The question that us see most often, here and elsewhere, concerning the CCA175 is "Do I need to know both Scala and Python?" The answer is yes, there are questions using both languages.
However, please remember that the goal of the exam is to test your Spark knowledge, not your Scala and Python knowledge. The development questions typically provide you some code and ask you to fill in TO-DO sections. So the key is to understand the Spark API. You must have some knowledge of programming, as you will need to be able to read the existing code and understand how to store and retrieve the results you get back from calling the API, but the focus will be on you adding the Spark calls.
There is not a study guide available for this exam, but Cloudera tells us exactly what we will be tested on. For example, the Required Skills at http://www.cloudera.com/content/www/en-us/training/certification/cca-spark.html tell us that we need to be able to join disparate datasets together using Spark. So go look up the join command in Spark. Write a quick five line program in Scala. Then write one in Python. Also, browse the online documentation so you know where to look up the API during the exam (remember you will not have access to a search engine during the exam). Putting in effort before the exam will save you a lot of effort during the exam.
Can you tell which version of Spark we would be tested on? I know that CDH 5.3.2 comes with Spark 1.4 but is it possible that when I take the exam the version of CDH is upgraded and I have option to use newer version of Spark (1.6)?
The current cluster is CDH5.3.2. It supports Spark 1.2.0.
Changes to the version of the cluster will be announced on the Cloudera certification webpages.
An update was made to the Cloudera website to clarify the use of programming languages.
Exam Question Format
Each CCA question requires you to solve a particular scenario. In some cases, a tool such as Impala or Hive may be used. In other cases, coding is required. In order to speed up development time of Spark questions, a template is often provided that contains a skeleton of the solution, asking the candidate to fill in the missing lines with functional code. This template is written in either Scala or Python.
You are not required to use the template and may solve the scenario using a language you prefer. Be aware, however, that coding every problem from scratch may take more time than is allocated for the exam.
Impala is not given as part of syllabus. Can you please clarify? Also can you pelase tell me me the exact version of softwares used in the distribution during the exam. CDH 5.3.2 is no where to be found on the site. Please help.
> Impala is not given as part of syllabus.
Cloudera has everything about the exam at: http://www.cloudera.com/training/certification/cca-spark.html
Impala is part of the cluster and can be used during the test. I am not sure what syllabus you are looking at, but Impala is mentioned four times on this page.
> Also can you pelase tell me me the exact version of softwares used in the distribution during the exam.
The exact version of the cluster is CDH 5.3.2
> CDH 5.3.2 is no where to be found on the site.
The link you are looking for is six inches higher in this subject: http://www.cloudera.com/documentation/enterprise/latest/topics/cdh_vd_cdh_package_previous.html#conc...

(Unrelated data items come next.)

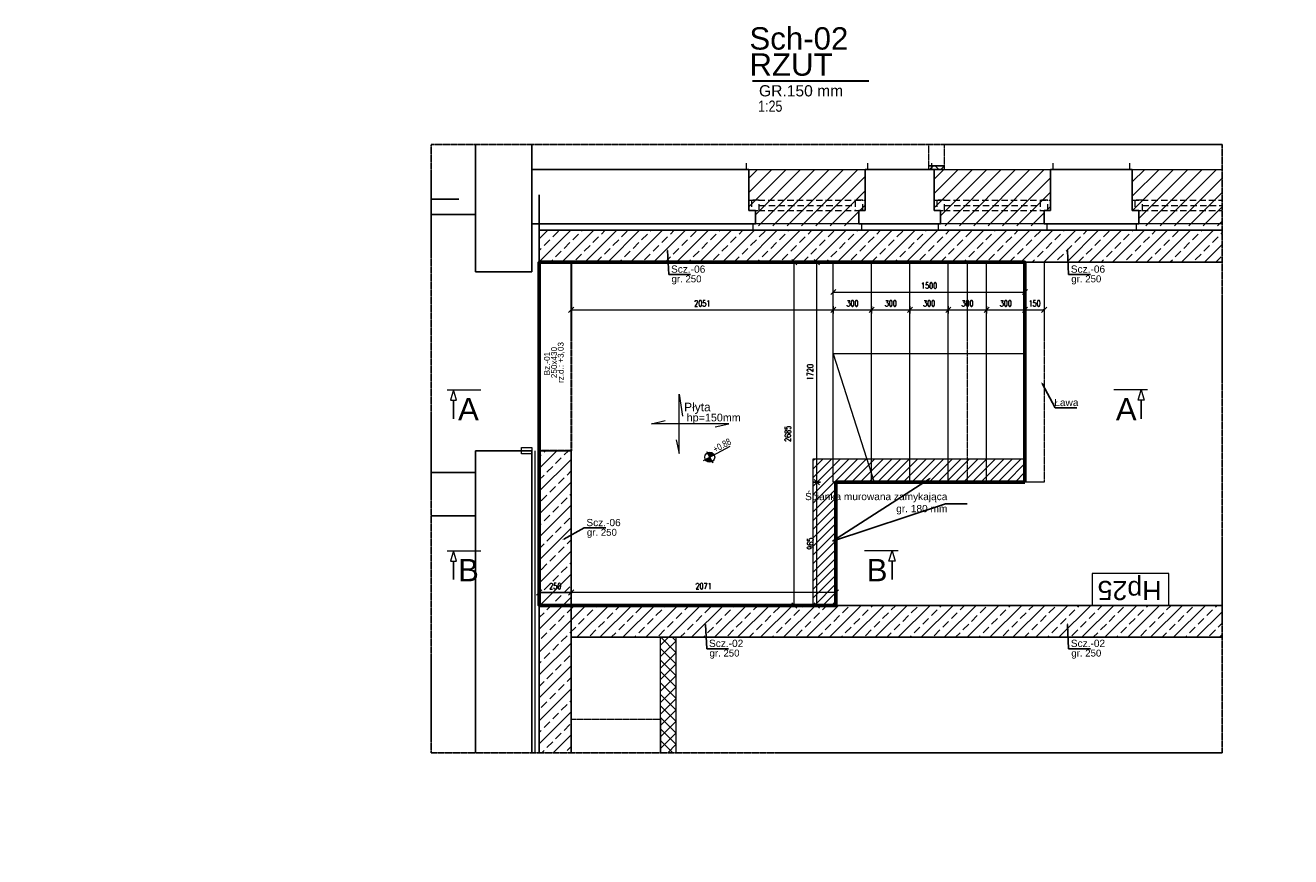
# Model space of a CAD drawing. Extents: x -1474 to 75706, y -7058 to 75879.
# Tile 9 of 19: x 29709 to 39613, y 6506 to 13012. Entities that reach past the tile are written whole.
import ezdxf
from ezdxf import colors
from ezdxf.entities.mleader import LeaderData, LeaderLine
from ezdxf.enums import TextEntityAlignment as Align
from ezdxf.math import Vec2, Vec3

# ---------------------------------------------------------------- set-up
doc = ezdxf.new("R2010")
doc.units = 0
doc.header["$LTSCALE"] = 10
doc.header["$MEASUREMENT"] = 0
doc.linetypes.add('CARKOVANA', pattern=[7.5, 5, -2.5])
doc.linetypes.add('HIDDEN', pattern=[0.375, 0.25, -0.125])
for name, color, linetype, lineweight in [('!! 0_ Istn-sciany', 3, 'Continuous', 30), ('!! 0_ Istn-widok', 1, 'Continuous', 15), ('!! 0_ Opis', 8, 'Continuous', 13), ('!! 0_Istn-cienka', 4, 'Continuous', 9), ('!! 1_drzwi-linia', 213, 'Continuous', 5), ('!! 1_PROJ TERMOIZOL', 132, 'Continuous', 5), ('P-Linia1', 3, 'Continuous', 40), ('P-Linia2', 2, 'Continuous', 25), ('P-Linia3', 6, 'Continuous', 60), ('P-Linia4', 253, 'Continuous', 5), ('P-Opis', 1, 'Continuous', 18), ('P-Opis belki', 52, 'Continuous', 9), ('P-Opis fundamenty', 193, 'Continuous', 9), ('P-Opis nadproża systemowe', 11, 'Continuous', 9), ('P-Opis słupy', 30, 'Continuous', 9), ('P-Opis ściany', 6, 'Continuous', 9), ('P-Przerywana', 13, 'HIDDEN', 9), ('P-Szraf - Ściana działowa', 83, 'Continuous', 0), ('P-Szraf - Ściana nośna', 55, 'Continuous', 0), ('P-Szraf - Ściana wypełniająca', 171, 'Continuous', 0), ('P-Szraf - Ściana żelbetowa', 54, 'Continuous', 0), ('P-Wymiar', 254, 'Continuous', 9), ('P-Ściana działowa', 91, 'Continuous', 5), ('P-Ściana nośna', 253, 'Continuous', 18), ('P-Ściana wypełniająca', 150, 'Continuous', 13), ('P-Ściana żelbetowa', 50, 'Continuous', 25)]:
    doc.layers.add(name, color=color, linetype=linetype, lineweight=lineweight)
doc.layers.add('!! 1_Wyburzenia', color=252, linetype='CARKOVANA', lineweight=13, true_color=0x696969)
doc.styles.add('_Fd Opis', font='arial.ttf')
doc.styles.add('_Fdelita opis', font='arial.ttf')
doc.styles.add('ARIAL', font='arial.ttf', dxfattribs={"height": 20})
doc.styles.add('ROMANS', font='romans.shx', dxfattribs={"width": 0.7})
doc.linetypes.add('ZIGZAG', pattern='A,0.00254,-5.08,[131,ltypeshp.shx,S=5.08,R=0,X=-5.08,Y=0],-10.16,[131,ltypeshp.shx,S=5.08,R=180,X=5.08,Y=0],-5.08', length=20.32254)
doc.dimstyles.new('A25', dxfattribs={"dimscale": 27, "dimtxt": 1.75, "dimasz": 0.06, "dimexe": 0, "dimexo": 0, "dimgap": 1, "dimtad": 1, "dimdec": 4, "dimrnd": 0.1, "dimdsep": 46, "dimtxsty": 'ROMANS', "dimblk": '[[[[[[[[', "dimcen": 2, "dimdle": 2, "dimse1": 1, "dimse2": 1, "dimclrd": 256, "dimclrt": 1, "dimadec": 0, "dimazin": 0, "dimtfac": 1, "dimtdec": 4, "dimtix": 1, "dimtmove": 2, "dimatfit": 3, "dimldrblk": '[[[[[[[[', "dimfxl": 0, "dimtvp": 0.6, "dimtolj": 1, "dimlwd": -1, "dimarcsym": 0})
pattern_1 = [(45, (-137483.73, 252500.6), (-56.1266, 56.1266), [])]

# ---------------------------------------------------------------- blocks, each defined once
blk = doc.blocks.new('daddad')
at = {"layer": 'P-Opis', "lineweight": 20}
for points in [[(-159, -799), (0, -1476), (0, 1476), (159, 377)], [(1791, -159), (2467, 0), (-1381, 0), (-705, 159)]]:
    blk.add_lwpolyline(points, dxfattribs=at)
blk = doc.blocks.new('[[[[[[[[')
at = {"layer": 'P-Wymiar'}
for p, q in [((-12.7, -12.7), (12.7, 12.7)), ((0, 0), (-4.6, 0)), ((0, 18), (0, -18))]:
    blk.add_line(p, q, dxfattribs=at)
blk = doc.blocks.new('*D293')
at = {"layer": 'Defpoints', "color": 0, "transparency": 16777216}
for p in [(36033.1, 10785.1), (36033.1, 10691.9), (33981.9, 8472.5)]:
    blk.add_point(p, dxfattribs=at)
at = {"layer": 'P-Wymiar', "transparency": 16777216}
blk.add_line((33983.5, 10785.1), (36031.5, 10785.1), dxfattribs=at)
at = {"layer": 'P-Wymiar', "transparency": 16777216, "xscale": 1.62, "yscale": 1.62, "zscale": 1.62, "rotation": 180}
blk.add_blockref('[[[[[[[[', (33981.9, 10785.1), dxfattribs=at)
at = {"layer": 'P-Wymiar', "transparency": 16777216, "xscale": 1.62, "yscale": 1.62, "zscale": 1.62}
blk.add_blockref('[[[[[[[[', (36033.1, 10785.1), dxfattribs=at)
at = {"layer": 'P-Wymiar', "color": 1, "transparency": 16777216, "insert": (35007.5, 10835.8), "char_height": 47.25, "attachment_point": 5, "style": 'ROMANS'}
blk.add_mtext('\\A1;2051', dxfattribs=at)
blk = doc.blocks.new('*D294')
at = {"layer": 'Defpoints', "color": 0, "transparency": 16777216}
for p in [(36333.1, 11157.5), (36333.1, 10785.1), (36033.1, 10691.9)]:
    blk.add_point(p, dxfattribs=at)
at = {"layer": 'P-Wymiar', "transparency": 16777216}
blk.add_line((36034.7, 10785.1), (36331.5, 10785.1), dxfattribs=at)
at = {"layer": 'P-Wymiar', "transparency": 16777216, "xscale": 1.62, "yscale": 1.62, "zscale": 1.62, "rotation": 180}
blk.add_blockref('[[[[[[[[', (36033.1, 10785.1), dxfattribs=at)
at = {"layer": 'P-Wymiar', "transparency": 16777216, "xscale": 1.62, "yscale": 1.62, "zscale": 1.62}
blk.add_blockref('[[[[[[[[', (36333.1, 10785.1), dxfattribs=at)
at = {"layer": 'P-Wymiar', "color": 1, "transparency": 16777216, "insert": (36183.1, 10835.8), "char_height": 47.25, "attachment_point": 5, "style": 'ROMANS'}
blk.add_mtext('\\A1;300', dxfattribs=at)
blk = doc.blocks.new('*D295')
at = {"layer": 'Defpoints', "color": 0, "transparency": 16777216}
for p in [(36333.1, 11157.5), (36633.1, 11157.5), (36633.1, 10785.1)]:
    blk.add_point(p, dxfattribs=at)
at = {"layer": 'P-Wymiar', "transparency": 16777216}
blk.add_line((36334.7, 10785.1), (36631.5, 10785.1), dxfattribs=at)
at = {"layer": 'P-Wymiar', "transparency": 16777216, "xscale": 1.62, "yscale": 1.62, "zscale": 1.62, "rotation": 180}
blk.add_blockref('[[[[[[[[', (36333.1, 10785.1), dxfattribs=at)
at = {"layer": 'P-Wymiar', "transparency": 16777216, "xscale": 1.62, "yscale": 1.62, "zscale": 1.62}
blk.add_blockref('[[[[[[[[', (36633.1, 10785.1), dxfattribs=at)
at = {"layer": 'P-Wymiar', "color": 1, "transparency": 16777216, "insert": (36483.1, 10835.8), "char_height": 47.25, "attachment_point": 5, "style": 'ROMANS'}
blk.add_mtext('\\A1;300', dxfattribs=at)
blk = doc.blocks.new('*D296')
at = {"layer": 'Defpoints', "color": 0, "transparency": 16777216}
for p in [(36633.1, 11157.5), (36933.1, 11157.5), (36933.1, 10785.1)]:
    blk.add_point(p, dxfattribs=at)
at = {"layer": 'P-Wymiar', "transparency": 16777216}
blk.add_line((36634.7, 10785.1), (36931.5, 10785.1), dxfattribs=at)
at = {"layer": 'P-Wymiar', "transparency": 16777216, "xscale": 1.62, "yscale": 1.62, "zscale": 1.62, "rotation": 180}
blk.add_blockref('[[[[[[[[', (36633.1, 10785.1), dxfattribs=at)
at = {"layer": 'P-Wymiar', "transparency": 16777216, "xscale": 1.62, "yscale": 1.62, "zscale": 1.62}
blk.add_blockref('[[[[[[[[', (36933.1, 10785.1), dxfattribs=at)
at = {"layer": 'P-Wymiar', "color": 1, "transparency": 16777216, "insert": (36783.1, 10835.8), "char_height": 47.25, "attachment_point": 5, "style": 'ROMANS'}
blk.add_mtext('\\A1;300', dxfattribs=at)
blk = doc.blocks.new('*D297')
at = {"layer": 'Defpoints', "color": 0, "transparency": 16777216}
for p in [(36933.1, 11157.5), (37233.1, 11157.5), (37233.1, 10785.1)]:
    blk.add_point(p, dxfattribs=at)
at = {"layer": 'P-Wymiar', "transparency": 16777216}
blk.add_line((36934.7, 10785.1), (37231.5, 10785.1), dxfattribs=at)
at = {"layer": 'P-Wymiar', "transparency": 16777216, "xscale": 1.62, "yscale": 1.62, "zscale": 1.62, "rotation": 180}
blk.add_blockref('[[[[[[[[', (36933.1, 10785.1), dxfattribs=at)
at = {"layer": 'P-Wymiar', "transparency": 16777216, "xscale": 1.62, "yscale": 1.62, "zscale": 1.62}
blk.add_blockref('[[[[[[[[', (37233.1, 10785.1), dxfattribs=at)
at = {"layer": 'P-Wymiar', "color": 1, "transparency": 16777216, "insert": (37083.1, 10835.8), "char_height": 47.25, "attachment_point": 5, "style": 'ROMANS'}
blk.add_mtext('\\A1;300', dxfattribs=at)
blk = doc.blocks.new('*D298')
at = {"layer": 'Defpoints', "color": 0, "transparency": 16777216}
for p in [(37233.1, 11157.5), (37533.1, 11157.5), (37533.1, 10785.1)]:
    blk.add_point(p, dxfattribs=at)
at = {"layer": 'P-Wymiar', "transparency": 16777216}
blk.add_line((37234.7, 10785.1), (37531.5, 10785.1), dxfattribs=at)
at = {"layer": 'P-Wymiar', "transparency": 16777216, "xscale": 1.62, "yscale": 1.62, "zscale": 1.62, "rotation": 180}
blk.add_blockref('[[[[[[[[', (37233.1, 10785.1), dxfattribs=at)
at = {"layer": 'P-Wymiar', "transparency": 16777216, "xscale": 1.62, "yscale": 1.62, "zscale": 1.62}
blk.add_blockref('[[[[[[[[', (37533.1, 10785.1), dxfattribs=at)
at = {"layer": 'P-Wymiar', "color": 1, "transparency": 16777216, "insert": (37383.1, 10835.8), "char_height": 47.25, "attachment_point": 5, "style": 'ROMANS'}
blk.add_mtext('\\A1;300', dxfattribs=at)
blk = doc.blocks.new('*D299')
at = {"layer": 'Defpoints', "color": 0, "transparency": 16777216}
for p in [(37533.1, 11157.5), (37683.1, 11157.5), (37683.1, 10785.1)]:
    blk.add_point(p, dxfattribs=at)
at = {"layer": 'P-Wymiar', "transparency": 16777216}
blk.add_line((37534.7, 10785.1), (37681.5, 10785.1), dxfattribs=at)
at = {"layer": 'P-Wymiar', "transparency": 16777216, "xscale": 1.62, "yscale": 1.62, "zscale": 1.62, "rotation": 180}
blk.add_blockref('[[[[[[[[', (37533.1, 10785.1), dxfattribs=at)
at = {"layer": 'P-Wymiar', "transparency": 16777216, "xscale": 1.62, "yscale": 1.62, "zscale": 1.62}
blk.add_blockref('[[[[[[[[', (37683.1, 10785.1), dxfattribs=at)
at = {"layer": 'P-Wymiar', "color": 1, "transparency": 16777216, "insert": (37608.1, 10835.8), "char_height": 47.25, "attachment_point": 5, "style": 'ROMANS'}
blk.add_mtext('\\A1;150', dxfattribs=at)
blk = doc.blocks.new('*D300')
at = {"layer": 'Defpoints', "color": 0, "transparency": 16777216}
for p in [(37533.1, 10924.7), (36033.1, 10515.9), (37533.1, 10552.3)]:
    blk.add_point(p, dxfattribs=at)
at = {"layer": 'P-Wymiar', "transparency": 16777216}
blk.add_line((36034.7, 10924.7), (37531.5, 10924.7), dxfattribs=at)
at = {"layer": 'P-Wymiar', "transparency": 16777216, "xscale": 1.62, "yscale": 1.62, "zscale": 1.62, "rotation": 180}
blk.add_blockref('[[[[[[[[', (36033.1, 10924.7), dxfattribs=at)
at = {"layer": 'P-Wymiar', "transparency": 16777216, "xscale": 1.62, "yscale": 1.62, "zscale": 1.62}
blk.add_blockref('[[[[[[[[', (37533.1, 10924.7), dxfattribs=at)
at = {"layer": 'P-Wymiar', "color": 1, "transparency": 16777216, "insert": (36783.1, 10975.4), "char_height": 47.25, "attachment_point": 5, "style": 'ROMANS'}
blk.add_mtext('\\A1;1500', dxfattribs=at)
blk = doc.blocks.new('*D301')
at = {"layer": 'Defpoints', "color": 0, "transparency": 16777216}
for p in [(33981.9, 8572.7), (36053.1, 8531.4), (33981.9, 8472.5)]:
    blk.add_point(p, dxfattribs=at)
at = {"layer": 'P-Wymiar', "transparency": 16777216}
blk.add_line((36051.5, 8572.7), (33983.5, 8572.7), dxfattribs=at)
at = {"layer": 'P-Wymiar', "transparency": 16777216, "xscale": 1.62, "yscale": 1.62, "zscale": 1.62, "rotation": 180}
blk.add_blockref('[[[[[[[[', (33981.9, 8572.7), dxfattribs=at)
at = {"layer": 'P-Wymiar', "transparency": 16777216, "xscale": 1.62, "yscale": 1.62, "zscale": 1.62}
blk.add_blockref('[[[[[[[[', (36053.1, 8572.7), dxfattribs=at)
at = {"layer": 'P-Wymiar', "color": 1, "transparency": 16777216, "insert": (35017.5, 8623.3), "char_height": 47.25, "attachment_point": 5, "style": 'ROMANS'}
blk.add_mtext('\\A1;2071', dxfattribs=at)
blk = doc.blocks.new('*D302')
at = {"transparency": 16777216}
blk.add_line((33980.3, 8572.7), (33733.5, 8572.7), dxfattribs=at)
at = {"layer": 'Defpoints', "color": 0, "transparency": 16777216}
for p in [(33731.9, 8572.7), (33731.9, 8501), (33981.9, 8472.5)]:
    blk.add_point(p, dxfattribs=at)
at = {"transparency": 16777216, "xscale": 1.62, "yscale": 1.62, "zscale": 1.62, "rotation": 180}
blk.add_blockref('[[[[[[[[', (33731.9, 8572.7), dxfattribs=at)
at = {"transparency": 16777216, "xscale": 1.62, "yscale": 1.62, "zscale": 1.62}
blk.add_blockref('[[[[[[[[', (33981.9, 8572.7), dxfattribs=at)
at = {"color": 1, "transparency": 16777216, "insert": (33856.9, 8623.3), "char_height": 47.25, "attachment_point": 5, "style": 'ROMANS'}
blk.add_mtext('\\A1;250', dxfattribs=at)
blk = doc.blocks.new('A$C798F0764')
at = {"layer": 'P-Opis'}
h = blk.add_hatch(color=1, dxfattribs=at)
h.dxf.hatch_style = 1
h.paths.add_polyline_path([(87, -43), (-30, -160, 0.414214), (204, -160)])
h.paths.add_polyline_path([(-30, 74), (87, -43), (204, 74, 0.414214)])
at = {"layer": 'P-Opis', "color": 1}
for p, q in [((-80, -210), (636, 506)), ((-68, 111), (241, -198))]:
    blk.add_line(p, q, dxfattribs=at)
blk.add_circle((87, -43), 165, dxfattribs=at)
blk = doc.blocks.new('*D308')
at = {"layer": 'Defpoints', "color": 0, "transparency": 16777216}
for p in [(33981.9, 11157.5), (35727.8, 11157.5), (33981.9, 8472.5)]:
    blk.add_point(p, dxfattribs=at)
at = {"layer": 'P-Wymiar', "transparency": 16777216}
blk.add_line((35727.8, 8474.1), (35727.8, 11155.9), dxfattribs=at)
at = {"layer": 'P-Wymiar', "transparency": 16777216, "xscale": 1.62, "yscale": 1.62, "zscale": 1.62}
for p, rotation in [((35727.8, 11157.5), 90), ((35727.8, 8472.5), 270)]:
    blk.add_blockref('[[[[[[[[', p, dxfattribs=dict(at, rotation=rotation))
at = {"layer": 'P-Wymiar', "color": 1, "transparency": 16777216, "insert": (35677.1, 9815), "char_height": 47.25, "attachment_point": 5, "rotation": 90, "style": 'ROMANS'}
blk.add_mtext('\\A1;2685', dxfattribs=at)
blk = doc.blocks.new('*D316')
at = {"layer": 'Defpoints', "color": 0, "transparency": 16777216}
for p in [(35903.1, 9437.5), (36053.1, 9437.5), (36053.1, 8472.5)]:
    blk.add_point(p, dxfattribs=at)
at = {"layer": 'P-Wymiar', "transparency": 16777216}
blk.add_line((35903.1, 8474.1), (35903.1, 9435.9), dxfattribs=at)
at = {"layer": 'P-Wymiar', "transparency": 16777216, "xscale": 1.62, "yscale": 1.62, "zscale": 1.62}
for p, rotation in [((35903.1, 9437.5), 90), ((35903.1, 8472.5), 270)]:
    blk.add_blockref('[[[[[[[[', p, dxfattribs=dict(at, rotation=rotation))
at = {"layer": 'P-Wymiar', "color": 1, "transparency": 16777216, "insert": (35852.5, 8955), "char_height": 47.25, "attachment_point": 5, "rotation": 90, "style": 'ROMANS'}
blk.add_mtext('\\A1;965', dxfattribs=at)
blk = doc.blocks.new('*D317')
at = {"layer": 'Defpoints', "color": 0, "transparency": 16777216}
for p in [(35903.1, 11157.5), (36033.1, 11157.5), (36053.1, 9437.5)]:
    blk.add_point(p, dxfattribs=at)
at = {"layer": 'P-Wymiar', "transparency": 16777216}
blk.add_line((35903.1, 9439.1), (35903.1, 11155.9), dxfattribs=at)
at = {"layer": 'P-Wymiar', "transparency": 16777216, "xscale": 1.62, "yscale": 1.62, "zscale": 1.62}
for p, rotation in [((35903.1, 11157.5), 90), ((35903.1, 9437.5), 270)]:
    blk.add_blockref('[[[[[[[[', p, dxfattribs=dict(at, rotation=rotation))
at = {"layer": 'P-Wymiar', "color": 1, "transparency": 16777216, "insert": (35852.5, 10297.5), "char_height": 47.25, "attachment_point": 5, "rotation": 90, "style": 'ROMANS'}
blk.add_mtext('\\A1;1720', dxfattribs=at)

msp = doc.modelspace()

# ---------------------------------------------------------------- hatches: boundary and pattern name
at = {"layer": 'P-Szraf - Ściana działowa'}
h = msp.add_hatch(dxfattribs=at)
h.set_pattern_fill('ANSI37', color=256, scale=20)
h.set_pattern_definition([(45, (-137483.73, 252500.603), (-44.90128, 44.90128), []), (135, (-137483.73, 252500.603), (-44.90128, -44.90128), [])])
h.paths.add_polyline_path([(36781.77874, 11912.51041), (36901.77874, 11912.51041), (36901.77874, 11882.50961), (36781.77874, 11882.50961)])
h = msp.add_hatch(dxfattribs=at)
h.set_pattern_fill('ANSI37', color=256, scale=20)
h.set_pattern_definition([(45, (-137483.73, 252500.603), (-44.90128, 44.90128), []), (135, (-137483.73, 252500.603), (-44.90128, -44.90128), [])])
h.paths.add_polyline_path([(34681.03337, 7319.51841), (34801.03337, 7319.51841), (34801.03337, 8222.50961), (34681.03337, 8222.50961)])
at = {"layer": 'P-Szraf - Ściana nośna'}
h = msp.add_hatch(dxfattribs=at)
h.set_pattern_fill('ANSI31', color=256, scale=25)
h.set_pattern_definition(pattern_1)
h.paths.add_polyline_path([(35423.08405, 11442.50961), (35423.08405, 11562.50961), (35373.08405, 11562.50961), (35373.08405, 11882.50961), (36283.08405, 11882.50961), (36283.08405, 11562.50961), (36233.08405, 11562.50961), (36233.08405, 11442.50961)])
h = msp.add_hatch(dxfattribs=at)
h.set_pattern_fill('ANSI31', color=256, scale=25)
h.set_pattern_definition(pattern_1)
h.paths.add_polyline_path([(36873.08405, 11442.50961), (36873.08405, 11562.50961), (36823.08405, 11562.50961), (36823.08405, 11882.50961), (37733.08405, 11882.50961), (37733.08405, 11562.50961), (37683.08405, 11562.50961), (37683.08405, 11442.50961)])
h = msp.add_hatch(dxfattribs=at)
h.set_pattern_fill('ANSI31', color=256, scale=25)
h.set_pattern_definition(pattern_1)
h.paths.add_polyline_path([(39076.45129, 11442.50961), (39076.45129, 11882.50961), (38373.08405, 11882.50961), (38373.08405, 11562.50961), (38423.08405, 11562.50961), (38423.08405, 11442.50961)])
at = {"layer": 'P-Szraf - Ściana wypełniająca'}
h = msp.add_hatch(dxfattribs=at)
h.set_pattern_fill('ANSI31', color=256, scale=15)
h.set_pattern_definition([(45, (0, 0), (-33.67596, 33.67596), [])])
h.paths.add_polyline_path([(37533.08405, 9617.50961), (35873.08405, 9617.50961), (35873.08405, 8472.50961), (36053.08405, 8472.4646), (36053.08405, 9437.50961), (37533.08405, 9437.50961)])
at = {"layer": 'P-Szraf - Ściana żelbetowa'}
h = msp.add_hatch(dxfattribs=at)
h.set_pattern_fill('ANSI33', color=256, scale=20)
h.set_pattern_definition([(45, (-73432.17, 17507.33), (-89.80256, 89.80256), []), (45, (-73342.37, 17507.33), (-89.80256, 89.80256), [63.5, -31.75])])
h.paths.add_polyline_path([(33731.4965, 7319.51841), (33981.49651, 7319.51841), (33982.27429, 9682.40783), (33732.2743, 9682.49012)])
h.paths.add_polyline_path([(39076.45129, 11157.50539), (39076.45129, 11407.50961), (33728.12043, 11407.50961), (33731.72218, 11157.50539)])
h.paths.add_polyline_path([(39076.45129, 8222.50961), (39076.45129, 8472.50961), (33981.87603, 8472.50961), (33981.79374, 8222.50961)])

# ---------------------------------------------------------------- linework, layer by layer
at = {"layer": '!! 0_ Istn-sciany', "lineweight": 25}
for points in [[(33233.08405, 12080.19901), (33233.08405, 11082.50961)], [(33233.08405, 12080.19901), (33233.08405, 11082.50961)], [(33673.08405, 12080.19901), (33673.08405, 11082.50961)], [(33673.08405, 11882.50961), (35373.08405, 11882.50961)], [(35373.08405, 11882.50961), (35373.08405, 11562.50961)], [(36283.08405, 11882.50961), (36823.08405, 11882.50961)], [(36283.08405, 11882.50961), (36283.08405, 11562.50961)], [(36823.08405, 11882.50961), (36823.08405, 11562.50961)], [(37733.08405, 11882.50961), (38373.08405, 11882.50961)], [(37733.08405, 11882.50961), (37733.08405, 11562.50961)], [(38373.08405, 11882.50961), (38373.08405, 11562.50961)], [(32886.95775, 11652.50961), (33103.08405, 11652.50961)], [(32886.95775, 11532.50961), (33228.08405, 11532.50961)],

thanks for the reply, so based on what I have read, there wont be any need to write java code (for mapreduce or any other purposes) in the exam anymore. correct? I understand we have the option to write code in java but we will need to write that from the scratch which will take longer as the exam will already include skeleton code in paython and/or scala.
Do we need both, scala and python.
This means we need to write same program in scala and python both ?
It would be great to have some practice exam environment or sand box.
As i have seen this in website "This template is written in either Scala or Python." according to this we can choose language, is this correct?